Читаем Танатологические мотивы в художественной литературе. Введение в литературоведческую танатологию полностью

Он никогда не думал о том, что такое смерть, и образа для него смерть не имела, – но теперь он почувствовал ясно, увидел, ощутил, что она вошла в камеру и ищет его, шаря руками. И, спасаясь, он начал бегать по камере [Там же: 64–65].

Итог – полное безразличие к окружающей реальности, обусловленное непобедимым противоречием между жизнью и смертью. Это противоречие становится наглядным из-за того, что Янсон «опредмечивает» свою жизнь, «выкристаллизовывает» ее до нескольких бытовых деталей, недоступных после гибели:

Его слабая мысль не могла связать этих двух представлений, так чудовищно противоречащих одно другому: обычно светлого дня, запаха и вкуса капусты – и того, что через два дня, через день он должен умереть [Андреев 1990, III: 65].

Подобный прием «опредмечивания» жизни встречается и в других произведениях Л. Андреева («Гостинец», «Жили-были», «Большой шлем»). Он оправдан с психологической точки зрения: сознание человека перед смертью сконцентрировано на одной, самой значимой картине жизни.

Для Цыганка, осужденного «за убийство трех человек и вооруженное ограбление», дни в тюрьме «пролетели, как один». Михаил Голубец – пример человека действия, в нем слишком много энергии, чтобы спокойно сидеть и ждать смерти. В отличие от Янсона, он во время преступлений знал о своей возможной смерти и поэтому принимает известие о казни легко. В свойственной ему артистичной манере Цыганок представляет себе экзекуцию как действо, на котором хорошо бы умереть «под музыку», но еще лучше быть в роли палача. Михаил воспринимает свою гибель как должное, но для него невыносимо ожидание. Это проблема, которую министр обозначил как проблему «знания», а Вернер поставил во главу угла в предсмертном письме, не вошедшем в рассказ:

А теперь я, не больной и без жара, знаю, что через десять часов умру. Это невозможно. Тогда нужно уничтожить все часы и прекратить восход солнца. Во всяком случае, людей перед казнью – это практическое соображение, которое я усиленно рекомендую, – нужно два месяца держать в абсолютной темноте и в таких толстых стенах, чтобы времени совсем не слышно было [Там же: 615].

Именно ожидание доводит «неугомонного» Цыганка до «волчьего воя». Он кричит:

– Вешать так вешать, а не то… У, такие-сякие… [Там же: 71].

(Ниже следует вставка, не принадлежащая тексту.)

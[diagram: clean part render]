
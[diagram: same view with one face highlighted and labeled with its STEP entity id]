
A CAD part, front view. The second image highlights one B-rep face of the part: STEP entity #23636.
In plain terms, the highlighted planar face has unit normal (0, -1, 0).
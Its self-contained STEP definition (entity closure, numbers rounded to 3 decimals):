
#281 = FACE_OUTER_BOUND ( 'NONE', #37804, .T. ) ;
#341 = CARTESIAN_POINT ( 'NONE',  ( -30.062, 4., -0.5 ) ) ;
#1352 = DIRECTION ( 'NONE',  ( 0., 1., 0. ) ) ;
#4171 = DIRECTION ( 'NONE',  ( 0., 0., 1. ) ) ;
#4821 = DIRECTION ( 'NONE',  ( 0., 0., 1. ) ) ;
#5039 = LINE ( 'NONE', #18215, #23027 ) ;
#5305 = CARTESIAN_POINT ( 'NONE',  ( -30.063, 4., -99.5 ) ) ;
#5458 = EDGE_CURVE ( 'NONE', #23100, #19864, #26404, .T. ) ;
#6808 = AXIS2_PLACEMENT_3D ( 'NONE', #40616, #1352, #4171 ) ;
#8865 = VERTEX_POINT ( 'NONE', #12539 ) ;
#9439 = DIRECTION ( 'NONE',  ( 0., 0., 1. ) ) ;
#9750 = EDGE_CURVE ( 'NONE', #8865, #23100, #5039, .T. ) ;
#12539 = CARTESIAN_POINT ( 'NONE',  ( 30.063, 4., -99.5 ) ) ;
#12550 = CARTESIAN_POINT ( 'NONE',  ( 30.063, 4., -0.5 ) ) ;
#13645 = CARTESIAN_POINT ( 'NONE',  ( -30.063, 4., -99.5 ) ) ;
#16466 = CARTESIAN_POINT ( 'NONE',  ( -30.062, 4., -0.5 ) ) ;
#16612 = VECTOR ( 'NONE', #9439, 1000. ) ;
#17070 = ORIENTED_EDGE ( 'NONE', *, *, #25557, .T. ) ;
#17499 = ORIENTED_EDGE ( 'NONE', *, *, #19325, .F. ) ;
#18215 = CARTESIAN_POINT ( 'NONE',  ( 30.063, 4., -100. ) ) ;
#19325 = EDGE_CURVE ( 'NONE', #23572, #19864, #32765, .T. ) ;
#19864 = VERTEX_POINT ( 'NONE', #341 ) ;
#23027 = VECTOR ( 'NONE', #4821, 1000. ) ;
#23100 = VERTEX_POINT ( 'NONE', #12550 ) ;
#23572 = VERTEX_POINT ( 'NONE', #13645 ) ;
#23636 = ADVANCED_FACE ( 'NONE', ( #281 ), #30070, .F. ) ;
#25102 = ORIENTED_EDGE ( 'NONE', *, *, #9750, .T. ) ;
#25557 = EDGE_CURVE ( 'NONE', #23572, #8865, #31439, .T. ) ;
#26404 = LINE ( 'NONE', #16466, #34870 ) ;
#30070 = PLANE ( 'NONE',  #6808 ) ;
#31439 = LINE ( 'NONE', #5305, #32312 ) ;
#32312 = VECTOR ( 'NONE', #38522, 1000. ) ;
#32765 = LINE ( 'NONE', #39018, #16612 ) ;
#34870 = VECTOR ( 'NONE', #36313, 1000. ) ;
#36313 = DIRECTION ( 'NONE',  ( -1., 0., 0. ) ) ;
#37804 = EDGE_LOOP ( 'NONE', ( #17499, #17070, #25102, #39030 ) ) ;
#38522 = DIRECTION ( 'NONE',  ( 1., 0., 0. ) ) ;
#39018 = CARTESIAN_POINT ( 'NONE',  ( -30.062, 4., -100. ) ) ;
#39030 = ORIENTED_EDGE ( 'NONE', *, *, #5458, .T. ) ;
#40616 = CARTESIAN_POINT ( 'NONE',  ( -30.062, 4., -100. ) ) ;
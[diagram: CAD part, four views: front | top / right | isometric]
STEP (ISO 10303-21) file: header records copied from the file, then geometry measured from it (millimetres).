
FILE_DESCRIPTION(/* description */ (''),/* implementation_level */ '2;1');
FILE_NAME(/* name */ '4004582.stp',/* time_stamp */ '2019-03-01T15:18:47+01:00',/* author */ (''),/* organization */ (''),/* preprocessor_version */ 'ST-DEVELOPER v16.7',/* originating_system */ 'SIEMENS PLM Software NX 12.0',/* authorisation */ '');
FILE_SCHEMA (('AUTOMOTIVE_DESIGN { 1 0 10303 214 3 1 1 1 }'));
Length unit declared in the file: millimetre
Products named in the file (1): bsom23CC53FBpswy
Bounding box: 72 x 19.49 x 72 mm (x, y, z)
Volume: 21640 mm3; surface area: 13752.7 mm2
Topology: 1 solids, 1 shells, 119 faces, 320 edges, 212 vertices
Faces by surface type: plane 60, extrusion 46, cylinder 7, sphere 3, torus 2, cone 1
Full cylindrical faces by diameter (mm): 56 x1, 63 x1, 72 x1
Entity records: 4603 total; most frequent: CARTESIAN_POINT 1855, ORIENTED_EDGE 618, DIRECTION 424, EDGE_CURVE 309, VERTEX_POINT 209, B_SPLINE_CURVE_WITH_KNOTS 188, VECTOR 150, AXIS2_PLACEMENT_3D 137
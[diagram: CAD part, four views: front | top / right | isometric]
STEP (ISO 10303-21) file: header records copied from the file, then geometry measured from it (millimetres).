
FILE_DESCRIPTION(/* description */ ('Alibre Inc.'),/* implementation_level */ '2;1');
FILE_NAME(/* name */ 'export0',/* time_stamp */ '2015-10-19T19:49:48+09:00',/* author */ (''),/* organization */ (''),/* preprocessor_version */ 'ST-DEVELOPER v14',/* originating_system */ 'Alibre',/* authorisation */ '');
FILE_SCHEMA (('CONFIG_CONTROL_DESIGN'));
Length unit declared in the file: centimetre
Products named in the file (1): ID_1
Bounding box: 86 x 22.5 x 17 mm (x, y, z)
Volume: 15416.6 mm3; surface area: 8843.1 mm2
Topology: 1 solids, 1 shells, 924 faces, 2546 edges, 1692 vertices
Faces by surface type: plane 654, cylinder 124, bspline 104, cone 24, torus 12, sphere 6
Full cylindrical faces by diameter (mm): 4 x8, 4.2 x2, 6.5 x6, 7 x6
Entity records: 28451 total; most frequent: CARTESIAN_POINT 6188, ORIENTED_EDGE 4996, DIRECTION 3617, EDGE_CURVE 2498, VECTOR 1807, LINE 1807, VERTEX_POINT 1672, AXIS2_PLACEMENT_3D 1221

Интересно, что метафорика, обозначающая его состояние и состояние Янсона, одинакова: у Михаила «человеческий мозг, поставленный в чудовищно острую грань между жизнью и смертью, распадался на две части, как комок сухой и выветрившейся глины» [Андреев 1990, III: 71], а Иван «просто стоял в немом ужасе перед этим противоречием, разорвавшим его мозг на две части» [Там же: 65]. Таким образом, в третьей и четвертой главе мы знакомимся с отношением к смерти простых преступников, пришедших к одному и тому же состоянию, несмотря на разность предшествующих жизненных установок.

Но на первый план в рассказе выходят террористы, предполагавшие убить за идею, а следовательно, отмеченные постоянной рефлексией. Им посвящается большая часть рассказа, двоим из них приходится еще и встретиться с родными.

Отец Сергея Головина символизирует «офицерскую модель» отношения к смерти. Не ясно, поддерживает или не поддерживает он политические взгляды сына, но его главная цель – «не мучить» Сергея перед смертью. Для полковника «мучить» – значит показывать материнское и отцовское горе, подчеркивать безнадежно утраченные связи с жизнью. Николай Иванович не выдерживает наложенных им самим психологических рамок, но старается соблюсти рамки моральные, сказав на прощание:

– Благословляю тебя на смерть, Сережа. Умри храбро, как офицер [Там же: 76].

Храбрость и благословение отца-командира являются важными атрибутами «офицерской» танатологической модели, вытесняющей страх перед смертью заботой о ритуале.